WHAT YOU SHOULD DO ::
Only the pictures are to be dropped; return all other data below exactly.

DATA PROVIDED ::
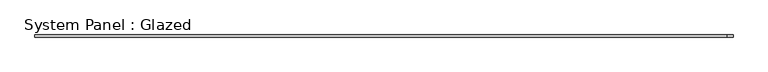
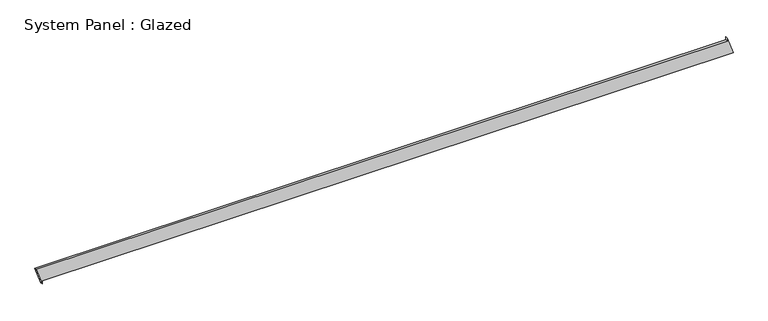
"""IFC4 building model written with IfcOpenShell, lengths in millimetres: plate geometry, System Panel : Glazed."""

from ifc_helpers import new_model, si_unit, frame, origin, place, context, project, spatial, polyline, outline, extrude, source, transform, mapped, element, save


def system_panel_glazed_efea60a0(model_context):
    return source(origin(), model_context, "Body", "SweptSolid", [
        extrude(outline(polyline([(0.0, -3959.0814895), (35.3553391, -3959.0814895), (35.3553391, 4028.0476561), (235.7077234, 3959.2529397), (200.3523843, 3959.2532528), (200.2816694, -4028.0476561), (0.0, -3959.0814895)])), frame((0.0, -49.5, 0.0), z_axis=(0.0, 1.0, 0.0), x_axis=(0.0, 0.0, 1.0)), (0.0, 0.0, 1.0), 25.0),
    ])


if __name__ == "__main__":
    model = new_model("IFC4")
    model_context = context("Model", 3, world=origin())
    ifc_project = project(units=[si_unit("LENGTHUNIT", "METRE", prefix="MILLI")], contexts=[model_context])
    site = spatial("IfcSite", under=ifc_project)
    building = spatial("IfcBuilding", under=site)
    placement = place(None, origin())
    system_panel_glazed_shape = system_panel_glazed_efea60a0(model_context)
    element("IfcPlate", 1, ObjectType="System Panel : Glazed", at=placement, inside=building, context=model_context, shape_type="MappedRepresentation", body=[
        mapped(system_panel_glazed_shape, transform((0.0, 0.0, 0.0), x_axis=(1.0, 0.0, 0.0), y_axis=(0.0, 1.0, 0.0), z_axis=(0.0, 0.0, 1.0))),
    ])
    save(model, "model.ifc")

# Revit data of these elements
# Element 1 (IfcPlate, "System Panel : Glazed")
#   Materials on its faces: "Glass"
# Materials
#   "Glass": class "Glass", colour RGB 218 227 224, transparency 0.85, Description = "Soda Lime Glass", Cost = 0

RESULT FOR THIS EXERCISE ::
"""IFC4 building model written with IfcOpenShell, lengths in millimetres: plate geometry, System Panel : Glazed."""

from ifc_helpers import new_model, si_unit, frame, origin, place, context, project, spatial, polyline, outline, extrude, source, transform, mapped, element, save


def system_panel_glazed_efea60a0(model_context):
    return source(origin(), model_context, "Body", "SweptSolid", [
        extrude(outline(polyline([(0.0, -3959.0814895), (35.3553391, -3959.0814895), (35.3553391, 4028.0476561), (235.7077234, 3959.2529397), (200.3523843, 3959.2532528), (200.2816694, -4028.0476561), (0.0, -3959.0814895)])), frame((0.0, -49.5, 0.0), z_axis=(0.0, 1.0, 0.0), x_axis=(0.0, 0.0, 1.0)), (0.0, 0.0, 1.0), 25.0),
    ])


if __name__ == "__main__":
    model = new_model("IFC4")
    model_context = context("Model", 3, world=origin())
    ifc_project = project(units=[si_unit("LENGTHUNIT", "METRE", prefix="MILLI")], contexts=[model_context])
    site = spatial("IfcSite", under=ifc_project)
    building = spatial("IfcBuilding", under=site)
    placement = place(None, origin())
    system_panel_glazed_shape = system_panel_glazed_efea60a0(model_context)
    element("IfcPlate", 1, ObjectType="System Panel : Glazed", at=placement, inside=building, context=model_context, shape_type="MappedRepresentation", body=[
        mapped(system_panel_glazed_shape, transform((0.0, 0.0, 0.0), x_axis=(1.0, 0.0, 0.0), y_axis=(0.0, 1.0, 0.0), z_axis=(0.0, 0.0, 1.0))),
    ])
    save(model, "model.ifc")

# Revit data of these elements
# Element 1 (IfcPlate, "System Panel : Glazed")
#   Materials on its faces: "Glass"
# Materials
#   "Glass": class "Glass", colour RGB 218 227 224, transparency 0.85, Description = "Soda Lime Glass", Cost = 0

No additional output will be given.